** DATA FOR PROCESSING follows **

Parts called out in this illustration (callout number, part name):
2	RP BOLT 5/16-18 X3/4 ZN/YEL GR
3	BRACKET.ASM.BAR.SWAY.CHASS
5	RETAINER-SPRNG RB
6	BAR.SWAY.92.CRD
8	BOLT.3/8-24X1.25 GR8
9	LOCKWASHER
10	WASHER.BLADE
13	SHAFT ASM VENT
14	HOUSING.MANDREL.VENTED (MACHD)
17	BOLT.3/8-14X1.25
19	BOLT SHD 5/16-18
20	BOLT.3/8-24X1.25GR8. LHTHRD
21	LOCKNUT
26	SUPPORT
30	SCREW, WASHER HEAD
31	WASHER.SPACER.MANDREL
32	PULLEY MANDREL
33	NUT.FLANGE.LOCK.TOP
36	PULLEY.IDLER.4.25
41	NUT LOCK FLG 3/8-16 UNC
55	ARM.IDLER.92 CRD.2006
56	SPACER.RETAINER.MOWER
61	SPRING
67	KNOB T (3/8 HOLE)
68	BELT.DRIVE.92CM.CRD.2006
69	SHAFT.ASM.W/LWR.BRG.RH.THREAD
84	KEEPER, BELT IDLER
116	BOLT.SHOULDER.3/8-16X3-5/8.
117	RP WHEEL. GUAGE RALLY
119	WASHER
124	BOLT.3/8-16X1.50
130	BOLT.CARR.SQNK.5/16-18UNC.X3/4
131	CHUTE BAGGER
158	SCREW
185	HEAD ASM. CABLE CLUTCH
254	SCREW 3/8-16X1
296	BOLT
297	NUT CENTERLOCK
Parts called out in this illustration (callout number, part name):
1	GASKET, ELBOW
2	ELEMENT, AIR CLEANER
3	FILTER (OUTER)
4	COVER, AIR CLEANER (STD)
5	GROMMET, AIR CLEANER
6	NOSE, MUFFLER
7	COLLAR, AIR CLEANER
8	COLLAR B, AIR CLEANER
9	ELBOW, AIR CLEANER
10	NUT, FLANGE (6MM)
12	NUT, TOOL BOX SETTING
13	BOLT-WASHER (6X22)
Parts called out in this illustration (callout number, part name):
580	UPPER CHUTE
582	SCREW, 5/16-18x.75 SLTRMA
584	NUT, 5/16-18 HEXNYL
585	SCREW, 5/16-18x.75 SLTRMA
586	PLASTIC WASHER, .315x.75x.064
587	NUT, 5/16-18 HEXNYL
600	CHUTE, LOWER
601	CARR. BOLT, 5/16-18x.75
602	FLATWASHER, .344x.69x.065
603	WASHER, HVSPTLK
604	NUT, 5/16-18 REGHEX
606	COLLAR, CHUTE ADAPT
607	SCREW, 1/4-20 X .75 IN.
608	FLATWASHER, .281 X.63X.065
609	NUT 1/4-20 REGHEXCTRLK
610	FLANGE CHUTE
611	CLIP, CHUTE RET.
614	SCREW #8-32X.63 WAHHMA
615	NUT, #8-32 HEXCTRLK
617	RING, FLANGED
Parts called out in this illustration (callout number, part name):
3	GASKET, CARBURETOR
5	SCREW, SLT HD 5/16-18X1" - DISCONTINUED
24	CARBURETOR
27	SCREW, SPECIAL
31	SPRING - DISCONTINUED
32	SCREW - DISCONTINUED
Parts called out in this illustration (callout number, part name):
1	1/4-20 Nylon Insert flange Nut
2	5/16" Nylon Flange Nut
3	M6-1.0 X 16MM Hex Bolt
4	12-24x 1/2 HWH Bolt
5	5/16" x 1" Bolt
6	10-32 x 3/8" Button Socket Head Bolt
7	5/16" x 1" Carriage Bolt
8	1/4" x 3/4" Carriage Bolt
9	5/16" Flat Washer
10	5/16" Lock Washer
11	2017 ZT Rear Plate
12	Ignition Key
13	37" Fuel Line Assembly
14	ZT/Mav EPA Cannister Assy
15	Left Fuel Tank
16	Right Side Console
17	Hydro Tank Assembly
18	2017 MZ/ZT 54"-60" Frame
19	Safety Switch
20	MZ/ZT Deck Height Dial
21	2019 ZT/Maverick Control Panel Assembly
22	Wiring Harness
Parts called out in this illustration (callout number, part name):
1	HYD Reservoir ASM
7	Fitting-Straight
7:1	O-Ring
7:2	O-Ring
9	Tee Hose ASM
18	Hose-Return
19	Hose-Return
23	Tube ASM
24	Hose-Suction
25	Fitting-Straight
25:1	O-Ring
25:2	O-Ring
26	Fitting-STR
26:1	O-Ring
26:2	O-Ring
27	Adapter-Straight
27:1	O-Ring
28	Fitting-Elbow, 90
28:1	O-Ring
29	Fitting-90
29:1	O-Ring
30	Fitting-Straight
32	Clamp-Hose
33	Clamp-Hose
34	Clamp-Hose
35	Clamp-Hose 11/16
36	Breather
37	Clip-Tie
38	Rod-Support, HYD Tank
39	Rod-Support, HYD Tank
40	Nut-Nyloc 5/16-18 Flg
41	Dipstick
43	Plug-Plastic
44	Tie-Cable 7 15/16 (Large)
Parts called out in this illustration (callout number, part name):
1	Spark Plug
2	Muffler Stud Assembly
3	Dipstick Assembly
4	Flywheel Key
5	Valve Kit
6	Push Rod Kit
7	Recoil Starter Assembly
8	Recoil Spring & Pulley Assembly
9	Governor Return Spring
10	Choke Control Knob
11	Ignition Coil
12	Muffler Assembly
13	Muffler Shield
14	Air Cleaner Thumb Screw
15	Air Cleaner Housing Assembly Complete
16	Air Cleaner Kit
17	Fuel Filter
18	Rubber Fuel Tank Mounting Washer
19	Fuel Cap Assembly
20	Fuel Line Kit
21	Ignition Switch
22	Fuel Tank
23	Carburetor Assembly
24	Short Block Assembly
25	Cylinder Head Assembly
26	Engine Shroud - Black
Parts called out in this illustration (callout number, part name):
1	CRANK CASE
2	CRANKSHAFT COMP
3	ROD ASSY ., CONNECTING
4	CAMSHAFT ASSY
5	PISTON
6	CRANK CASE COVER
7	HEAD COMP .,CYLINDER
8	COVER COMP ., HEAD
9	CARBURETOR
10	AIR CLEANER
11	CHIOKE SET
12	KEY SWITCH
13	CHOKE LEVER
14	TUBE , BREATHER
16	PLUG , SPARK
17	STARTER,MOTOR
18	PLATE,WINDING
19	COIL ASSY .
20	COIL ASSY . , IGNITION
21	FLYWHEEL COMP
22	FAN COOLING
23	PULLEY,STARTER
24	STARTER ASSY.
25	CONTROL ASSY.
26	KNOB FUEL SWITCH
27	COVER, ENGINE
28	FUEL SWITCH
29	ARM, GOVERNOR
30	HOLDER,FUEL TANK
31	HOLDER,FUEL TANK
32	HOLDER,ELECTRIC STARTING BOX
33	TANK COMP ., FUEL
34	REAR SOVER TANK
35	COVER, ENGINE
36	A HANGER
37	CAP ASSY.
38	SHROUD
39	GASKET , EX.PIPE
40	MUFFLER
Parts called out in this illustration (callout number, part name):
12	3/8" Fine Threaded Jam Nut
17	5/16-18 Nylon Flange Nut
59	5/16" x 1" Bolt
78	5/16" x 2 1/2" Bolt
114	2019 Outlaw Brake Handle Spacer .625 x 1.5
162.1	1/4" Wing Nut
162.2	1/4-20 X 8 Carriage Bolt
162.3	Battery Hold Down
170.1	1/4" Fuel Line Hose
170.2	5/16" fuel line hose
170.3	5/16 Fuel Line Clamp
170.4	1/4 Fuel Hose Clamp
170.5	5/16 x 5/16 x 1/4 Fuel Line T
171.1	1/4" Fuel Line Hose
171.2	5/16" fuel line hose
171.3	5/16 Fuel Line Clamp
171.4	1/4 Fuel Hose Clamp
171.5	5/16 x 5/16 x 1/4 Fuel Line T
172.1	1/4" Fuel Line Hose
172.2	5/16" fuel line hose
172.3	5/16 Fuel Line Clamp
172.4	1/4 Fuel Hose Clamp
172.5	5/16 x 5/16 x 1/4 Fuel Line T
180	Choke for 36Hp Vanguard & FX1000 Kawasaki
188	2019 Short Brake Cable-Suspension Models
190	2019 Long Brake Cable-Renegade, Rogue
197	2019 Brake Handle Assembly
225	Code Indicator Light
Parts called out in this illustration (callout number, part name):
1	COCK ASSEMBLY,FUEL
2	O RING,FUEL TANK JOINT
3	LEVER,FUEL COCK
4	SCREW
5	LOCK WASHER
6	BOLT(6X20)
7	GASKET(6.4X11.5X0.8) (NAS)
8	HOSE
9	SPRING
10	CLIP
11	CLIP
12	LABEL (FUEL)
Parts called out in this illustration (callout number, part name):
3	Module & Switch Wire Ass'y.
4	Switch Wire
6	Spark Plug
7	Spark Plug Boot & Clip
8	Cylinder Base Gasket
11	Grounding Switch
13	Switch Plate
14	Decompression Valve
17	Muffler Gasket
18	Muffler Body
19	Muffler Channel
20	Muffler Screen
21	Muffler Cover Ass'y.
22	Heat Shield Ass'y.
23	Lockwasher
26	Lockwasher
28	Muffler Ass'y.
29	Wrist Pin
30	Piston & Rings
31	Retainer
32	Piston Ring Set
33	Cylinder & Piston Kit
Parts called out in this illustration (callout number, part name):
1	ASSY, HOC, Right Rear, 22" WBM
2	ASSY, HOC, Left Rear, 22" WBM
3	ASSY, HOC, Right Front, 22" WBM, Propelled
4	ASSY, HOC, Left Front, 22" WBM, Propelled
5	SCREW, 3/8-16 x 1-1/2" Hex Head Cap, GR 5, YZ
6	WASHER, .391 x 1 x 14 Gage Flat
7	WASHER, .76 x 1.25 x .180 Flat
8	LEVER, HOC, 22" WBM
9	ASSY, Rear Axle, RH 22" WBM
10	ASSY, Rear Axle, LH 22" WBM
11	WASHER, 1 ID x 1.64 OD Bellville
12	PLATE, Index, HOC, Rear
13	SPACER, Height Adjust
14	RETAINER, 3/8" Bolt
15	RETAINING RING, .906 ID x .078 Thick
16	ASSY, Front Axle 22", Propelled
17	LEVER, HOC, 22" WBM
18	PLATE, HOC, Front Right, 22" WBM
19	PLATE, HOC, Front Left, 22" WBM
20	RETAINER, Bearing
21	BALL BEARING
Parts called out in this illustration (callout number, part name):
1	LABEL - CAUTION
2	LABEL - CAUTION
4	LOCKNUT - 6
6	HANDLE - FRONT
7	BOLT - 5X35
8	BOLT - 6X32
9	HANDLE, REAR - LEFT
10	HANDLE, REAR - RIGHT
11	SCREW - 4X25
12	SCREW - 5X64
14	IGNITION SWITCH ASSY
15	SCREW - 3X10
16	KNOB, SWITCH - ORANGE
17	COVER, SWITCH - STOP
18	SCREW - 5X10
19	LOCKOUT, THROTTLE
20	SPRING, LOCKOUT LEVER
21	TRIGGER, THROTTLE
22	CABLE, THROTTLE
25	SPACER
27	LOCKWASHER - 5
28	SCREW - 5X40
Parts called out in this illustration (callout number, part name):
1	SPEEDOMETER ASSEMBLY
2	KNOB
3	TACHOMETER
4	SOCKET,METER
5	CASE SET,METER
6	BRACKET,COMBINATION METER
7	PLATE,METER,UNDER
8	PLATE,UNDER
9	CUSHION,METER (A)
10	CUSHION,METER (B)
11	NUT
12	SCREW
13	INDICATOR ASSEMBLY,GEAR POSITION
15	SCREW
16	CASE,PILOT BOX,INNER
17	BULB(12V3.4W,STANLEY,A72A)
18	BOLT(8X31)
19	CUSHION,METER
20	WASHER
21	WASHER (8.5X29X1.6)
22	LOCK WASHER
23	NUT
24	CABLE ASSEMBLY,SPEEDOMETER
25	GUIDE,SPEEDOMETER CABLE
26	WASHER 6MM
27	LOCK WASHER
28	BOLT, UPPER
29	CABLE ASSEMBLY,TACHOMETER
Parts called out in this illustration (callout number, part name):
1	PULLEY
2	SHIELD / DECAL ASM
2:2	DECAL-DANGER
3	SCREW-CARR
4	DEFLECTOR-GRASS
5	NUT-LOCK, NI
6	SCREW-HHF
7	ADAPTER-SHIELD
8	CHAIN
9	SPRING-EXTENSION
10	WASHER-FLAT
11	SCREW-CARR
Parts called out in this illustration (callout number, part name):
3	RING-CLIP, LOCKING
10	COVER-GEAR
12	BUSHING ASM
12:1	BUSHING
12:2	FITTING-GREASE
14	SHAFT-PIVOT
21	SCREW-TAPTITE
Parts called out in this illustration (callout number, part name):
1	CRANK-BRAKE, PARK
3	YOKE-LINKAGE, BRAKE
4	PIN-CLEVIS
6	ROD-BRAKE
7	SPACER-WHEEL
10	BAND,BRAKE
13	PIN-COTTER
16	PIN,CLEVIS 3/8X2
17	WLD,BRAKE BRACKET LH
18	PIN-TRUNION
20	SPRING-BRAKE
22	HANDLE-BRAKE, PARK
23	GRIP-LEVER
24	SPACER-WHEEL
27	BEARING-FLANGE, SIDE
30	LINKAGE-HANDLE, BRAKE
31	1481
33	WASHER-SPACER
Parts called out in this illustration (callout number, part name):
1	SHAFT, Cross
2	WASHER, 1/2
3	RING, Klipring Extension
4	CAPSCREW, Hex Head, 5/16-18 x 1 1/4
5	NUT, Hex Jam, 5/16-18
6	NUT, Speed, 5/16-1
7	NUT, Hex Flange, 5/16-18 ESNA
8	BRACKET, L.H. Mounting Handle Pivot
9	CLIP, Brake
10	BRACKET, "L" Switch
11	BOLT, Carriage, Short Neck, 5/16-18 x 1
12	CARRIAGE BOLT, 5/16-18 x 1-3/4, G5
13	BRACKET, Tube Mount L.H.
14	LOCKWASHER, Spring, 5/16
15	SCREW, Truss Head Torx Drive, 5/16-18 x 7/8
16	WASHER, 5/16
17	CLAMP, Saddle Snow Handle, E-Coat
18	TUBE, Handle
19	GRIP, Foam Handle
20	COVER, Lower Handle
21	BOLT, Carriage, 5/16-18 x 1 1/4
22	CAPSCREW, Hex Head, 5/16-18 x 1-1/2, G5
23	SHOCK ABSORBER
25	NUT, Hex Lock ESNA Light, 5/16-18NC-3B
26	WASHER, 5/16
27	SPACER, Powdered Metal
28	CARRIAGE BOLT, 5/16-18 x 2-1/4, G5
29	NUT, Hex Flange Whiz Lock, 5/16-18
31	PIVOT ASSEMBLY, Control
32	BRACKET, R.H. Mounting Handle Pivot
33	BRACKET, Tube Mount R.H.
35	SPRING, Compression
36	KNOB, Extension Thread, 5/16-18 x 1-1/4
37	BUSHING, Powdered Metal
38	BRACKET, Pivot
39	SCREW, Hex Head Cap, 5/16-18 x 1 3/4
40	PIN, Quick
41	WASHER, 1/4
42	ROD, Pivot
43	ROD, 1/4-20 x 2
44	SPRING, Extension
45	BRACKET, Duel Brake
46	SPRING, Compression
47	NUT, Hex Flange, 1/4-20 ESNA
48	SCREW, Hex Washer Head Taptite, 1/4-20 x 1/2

** End of DATA FOR PROCESSING **

• _INSTRUCTIONS TO FOLLOW_: Every line of the material above that includes the string "LABEL" is required.

• _SOLVED EXERCISE_:
12	LABEL (FUEL)
1	LABEL - CAUTION
2	LABEL - CAUTION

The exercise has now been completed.